The developing carbohydrates in the coffee cherries as well as 65% more mucilage contributed to a sweeter taste with a more complex profile in Jeon’s cup. The natural processed anaerobic fermented Sidra beans were also used by the finalist Cole Torode, who ranked 3rd at this year’s WBC.

“This kind of fermentation breaks down the carbohydrates in the cherries and also increases the concentration of lactic acid, which contributes to the body, fruit flavors, and tartaric acid of my coffee,” Jeon explained. The increasing popularity of Sidra variety in competitions is obvious; however, it remains unknown whether we will see more baristas competing with Sidra.

Female Baristas in the Spotlight

As the second female champion of the WBC, Jeon never sees gender as a challenge as she has competed in the past. “To be honest, I don’t feel difficult because I am a female. In fact, this is the challenge with myself, not the gender.”

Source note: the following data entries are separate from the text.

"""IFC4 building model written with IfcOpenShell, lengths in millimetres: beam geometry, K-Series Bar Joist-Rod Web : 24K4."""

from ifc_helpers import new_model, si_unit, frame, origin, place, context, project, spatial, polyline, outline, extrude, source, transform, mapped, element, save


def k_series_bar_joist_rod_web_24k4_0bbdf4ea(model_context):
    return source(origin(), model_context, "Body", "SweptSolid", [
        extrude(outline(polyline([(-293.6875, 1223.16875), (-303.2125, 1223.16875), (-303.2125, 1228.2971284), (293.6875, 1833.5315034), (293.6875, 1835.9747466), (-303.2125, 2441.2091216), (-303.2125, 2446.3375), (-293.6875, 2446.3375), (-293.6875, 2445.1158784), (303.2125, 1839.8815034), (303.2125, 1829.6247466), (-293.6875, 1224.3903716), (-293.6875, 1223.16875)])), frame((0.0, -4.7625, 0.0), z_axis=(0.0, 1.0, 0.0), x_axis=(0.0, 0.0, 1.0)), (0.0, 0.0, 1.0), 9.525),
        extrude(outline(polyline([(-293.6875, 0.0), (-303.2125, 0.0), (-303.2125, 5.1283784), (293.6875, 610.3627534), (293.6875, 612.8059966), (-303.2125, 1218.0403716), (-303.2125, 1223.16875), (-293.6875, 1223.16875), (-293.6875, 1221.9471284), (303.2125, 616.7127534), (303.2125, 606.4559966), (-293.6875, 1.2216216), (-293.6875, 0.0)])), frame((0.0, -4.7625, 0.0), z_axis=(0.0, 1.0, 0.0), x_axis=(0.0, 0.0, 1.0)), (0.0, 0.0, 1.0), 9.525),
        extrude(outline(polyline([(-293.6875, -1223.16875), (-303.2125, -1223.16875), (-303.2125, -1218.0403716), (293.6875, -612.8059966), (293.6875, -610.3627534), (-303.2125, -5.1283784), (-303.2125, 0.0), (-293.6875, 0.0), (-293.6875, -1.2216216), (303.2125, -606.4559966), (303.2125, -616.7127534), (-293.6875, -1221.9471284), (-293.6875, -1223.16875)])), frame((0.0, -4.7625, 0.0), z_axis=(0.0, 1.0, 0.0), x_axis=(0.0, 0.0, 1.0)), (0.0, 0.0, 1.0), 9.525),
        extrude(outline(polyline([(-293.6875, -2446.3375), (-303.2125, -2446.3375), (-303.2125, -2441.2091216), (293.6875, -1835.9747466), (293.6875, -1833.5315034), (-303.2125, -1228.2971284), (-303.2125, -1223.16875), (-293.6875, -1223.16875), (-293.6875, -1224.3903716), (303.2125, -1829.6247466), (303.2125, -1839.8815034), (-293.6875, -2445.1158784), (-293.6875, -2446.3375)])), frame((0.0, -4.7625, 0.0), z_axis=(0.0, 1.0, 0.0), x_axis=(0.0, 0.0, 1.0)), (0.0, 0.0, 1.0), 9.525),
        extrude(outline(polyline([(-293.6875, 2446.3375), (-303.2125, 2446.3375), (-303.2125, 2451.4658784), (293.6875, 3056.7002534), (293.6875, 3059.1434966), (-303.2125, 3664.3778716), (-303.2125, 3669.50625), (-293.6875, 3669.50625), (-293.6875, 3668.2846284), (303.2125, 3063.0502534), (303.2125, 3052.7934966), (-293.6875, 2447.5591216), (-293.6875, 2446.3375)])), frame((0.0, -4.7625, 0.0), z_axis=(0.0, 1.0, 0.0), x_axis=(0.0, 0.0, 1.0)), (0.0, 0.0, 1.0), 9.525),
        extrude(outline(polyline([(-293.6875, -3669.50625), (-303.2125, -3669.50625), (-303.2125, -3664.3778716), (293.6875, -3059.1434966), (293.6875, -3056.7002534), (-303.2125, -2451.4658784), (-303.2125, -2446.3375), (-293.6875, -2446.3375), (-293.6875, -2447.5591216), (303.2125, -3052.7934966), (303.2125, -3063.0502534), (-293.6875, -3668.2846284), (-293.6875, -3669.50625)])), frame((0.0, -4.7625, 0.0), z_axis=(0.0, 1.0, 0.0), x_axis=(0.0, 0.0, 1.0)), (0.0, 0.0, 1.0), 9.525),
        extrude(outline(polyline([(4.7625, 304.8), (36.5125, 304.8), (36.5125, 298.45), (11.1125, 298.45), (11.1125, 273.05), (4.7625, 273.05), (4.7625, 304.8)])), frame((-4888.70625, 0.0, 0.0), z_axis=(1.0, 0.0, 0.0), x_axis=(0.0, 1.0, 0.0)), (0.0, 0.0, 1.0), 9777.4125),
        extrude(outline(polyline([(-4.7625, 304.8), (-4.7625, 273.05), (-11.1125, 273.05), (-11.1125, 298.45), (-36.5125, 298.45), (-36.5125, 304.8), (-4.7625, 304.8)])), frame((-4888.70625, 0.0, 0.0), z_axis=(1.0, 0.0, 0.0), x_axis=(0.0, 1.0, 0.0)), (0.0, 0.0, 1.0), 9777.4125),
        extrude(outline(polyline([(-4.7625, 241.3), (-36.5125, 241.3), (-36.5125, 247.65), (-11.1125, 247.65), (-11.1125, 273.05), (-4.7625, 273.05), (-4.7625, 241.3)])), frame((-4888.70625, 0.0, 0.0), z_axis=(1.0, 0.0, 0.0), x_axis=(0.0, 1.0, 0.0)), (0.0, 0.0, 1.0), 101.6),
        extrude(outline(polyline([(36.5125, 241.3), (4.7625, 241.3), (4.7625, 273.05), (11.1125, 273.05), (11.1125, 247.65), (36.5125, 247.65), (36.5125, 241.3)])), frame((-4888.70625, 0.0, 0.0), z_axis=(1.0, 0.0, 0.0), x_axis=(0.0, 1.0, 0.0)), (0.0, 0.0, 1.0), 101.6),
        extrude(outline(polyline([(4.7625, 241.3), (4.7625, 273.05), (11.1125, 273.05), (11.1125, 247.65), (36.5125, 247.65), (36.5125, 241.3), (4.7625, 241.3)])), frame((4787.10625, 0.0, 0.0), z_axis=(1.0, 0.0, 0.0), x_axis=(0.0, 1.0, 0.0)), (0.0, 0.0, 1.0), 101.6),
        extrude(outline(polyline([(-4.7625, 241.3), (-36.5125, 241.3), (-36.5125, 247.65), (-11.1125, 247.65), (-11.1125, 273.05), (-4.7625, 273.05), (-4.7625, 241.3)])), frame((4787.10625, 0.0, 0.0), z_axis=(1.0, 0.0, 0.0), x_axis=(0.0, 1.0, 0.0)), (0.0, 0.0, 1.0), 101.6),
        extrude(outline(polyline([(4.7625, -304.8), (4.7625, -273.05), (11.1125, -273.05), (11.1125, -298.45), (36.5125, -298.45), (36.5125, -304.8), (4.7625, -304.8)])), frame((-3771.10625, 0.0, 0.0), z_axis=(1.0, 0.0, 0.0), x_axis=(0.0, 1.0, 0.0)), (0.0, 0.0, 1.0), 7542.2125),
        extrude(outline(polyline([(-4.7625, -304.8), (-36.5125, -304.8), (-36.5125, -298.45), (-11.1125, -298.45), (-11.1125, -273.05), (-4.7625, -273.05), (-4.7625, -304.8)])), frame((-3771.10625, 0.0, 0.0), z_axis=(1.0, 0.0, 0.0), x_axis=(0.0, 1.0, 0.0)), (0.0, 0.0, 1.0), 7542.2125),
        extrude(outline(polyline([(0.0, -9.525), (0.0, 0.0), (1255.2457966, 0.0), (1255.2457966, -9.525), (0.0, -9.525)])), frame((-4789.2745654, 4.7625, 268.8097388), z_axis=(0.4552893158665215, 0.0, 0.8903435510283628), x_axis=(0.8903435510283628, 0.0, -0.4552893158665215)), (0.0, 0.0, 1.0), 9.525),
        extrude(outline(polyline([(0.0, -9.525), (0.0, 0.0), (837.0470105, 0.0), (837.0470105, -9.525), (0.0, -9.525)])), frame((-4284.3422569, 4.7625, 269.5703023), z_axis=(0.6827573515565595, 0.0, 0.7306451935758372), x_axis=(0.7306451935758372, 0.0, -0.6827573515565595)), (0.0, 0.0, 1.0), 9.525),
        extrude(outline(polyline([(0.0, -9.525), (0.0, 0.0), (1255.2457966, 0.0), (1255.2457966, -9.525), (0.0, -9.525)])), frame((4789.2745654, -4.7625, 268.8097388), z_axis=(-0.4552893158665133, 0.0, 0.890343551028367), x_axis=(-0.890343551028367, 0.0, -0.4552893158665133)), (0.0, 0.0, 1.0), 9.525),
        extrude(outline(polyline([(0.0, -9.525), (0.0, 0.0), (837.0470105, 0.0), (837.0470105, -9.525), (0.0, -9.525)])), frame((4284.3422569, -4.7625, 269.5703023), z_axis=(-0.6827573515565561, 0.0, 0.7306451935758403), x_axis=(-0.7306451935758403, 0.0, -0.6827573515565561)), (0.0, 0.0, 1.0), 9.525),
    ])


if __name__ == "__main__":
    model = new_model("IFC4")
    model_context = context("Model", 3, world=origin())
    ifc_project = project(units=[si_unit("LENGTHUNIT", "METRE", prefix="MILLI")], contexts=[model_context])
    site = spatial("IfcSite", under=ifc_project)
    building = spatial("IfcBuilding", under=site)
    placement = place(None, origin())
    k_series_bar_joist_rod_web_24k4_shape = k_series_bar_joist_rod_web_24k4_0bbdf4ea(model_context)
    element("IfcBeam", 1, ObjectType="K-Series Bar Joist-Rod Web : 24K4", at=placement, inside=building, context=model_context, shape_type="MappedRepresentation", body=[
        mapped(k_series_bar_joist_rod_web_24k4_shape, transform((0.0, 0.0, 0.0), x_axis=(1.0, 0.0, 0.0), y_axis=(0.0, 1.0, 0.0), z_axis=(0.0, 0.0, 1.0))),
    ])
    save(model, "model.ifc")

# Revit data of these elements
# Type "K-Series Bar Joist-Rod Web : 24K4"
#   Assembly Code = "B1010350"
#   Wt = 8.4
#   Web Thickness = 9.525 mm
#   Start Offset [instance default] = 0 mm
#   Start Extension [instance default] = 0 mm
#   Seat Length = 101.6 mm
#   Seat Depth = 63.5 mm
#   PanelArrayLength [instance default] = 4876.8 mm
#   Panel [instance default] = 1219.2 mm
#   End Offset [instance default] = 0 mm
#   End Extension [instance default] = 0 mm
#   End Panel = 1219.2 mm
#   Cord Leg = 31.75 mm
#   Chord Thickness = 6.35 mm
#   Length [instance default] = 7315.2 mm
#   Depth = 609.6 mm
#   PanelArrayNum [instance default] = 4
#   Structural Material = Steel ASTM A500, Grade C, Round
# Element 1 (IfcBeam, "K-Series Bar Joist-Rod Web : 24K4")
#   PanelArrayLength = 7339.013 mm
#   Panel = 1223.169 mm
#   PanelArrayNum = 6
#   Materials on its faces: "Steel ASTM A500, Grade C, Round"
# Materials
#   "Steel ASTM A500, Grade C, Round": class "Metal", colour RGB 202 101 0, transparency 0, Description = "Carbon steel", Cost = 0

Back in South Korea, Jeon is happy to see an increasing number of Koreans getting more interested in single origin coffee and filter brewing — the specialty coffee scene is growing there. Many of them now have much knowledge about the flavors of specialty coffee, and enjoy the coffee, according to Jeon. “The number of local baristas in Korea is increasing continuously. This trend also makes the retail specialty coffee market bigger every year,” said Jeon proudly. “I want to introduce the world of specialty coffee to people, not only professionals but also to people who don’t know about this field. I want to broaden the public’s concept of specialty coffee.”

Also as a barista who loves travelling, Jeon plans to visit more origin farms and participate in researches and development to improve coffee quality as well as lives of people on the farm. To Jeon, the best thing that she has learned from coffee is people. “I have met so many people, not only the people in coffee industries (baristas, roasters, and producers), but also the people in various fields. They made my life more abundant.” Stated in her routine, “there has never been a better time in history to drink coffee.” Farmers, roaster and baristas are all connected and collaborating together to create higher quality coffee than ever before. So which is your favorite cup of coffee?

Q&A with Jooyeon Jeon

What’s your favorite part of working at Momos Coffee?
My main duty is to meet many people both professional coffee geeks and the people who are just interested in coffee, and let them know about the world of specialty coffee.

What did you want to do when you were a kid?
Actually I wanted to be a kindergarten teacher at an early age. Because I like children and like to share my experience with the people.

When did you start to compete professionally?
I have been working in coffee for 12 years and firstly knew about WBC in 2009. Since that time, I have taken the challenge to compete.

Have you tried any coffee roasted by Chinese baristas? How do you like it?
Yes, I visited Café Show in Beijing last year and tasted Chinese roasted coffee. I was very satisfied with the flavors and good quality. I was also very surprised at the fast growing of specialty coffee market in a short time.

What do you like to do for leisure?
I love travelling. I like to different spaces out there. I cannot wait to go somewhere.

What’s your favorite cup?
I basically like coffee with a clean cup. So I prefer washed coffee to the natural one. Regarding espresso, I like the one with good sweetness and body. I recently fell in love with several coffee from Ecuador.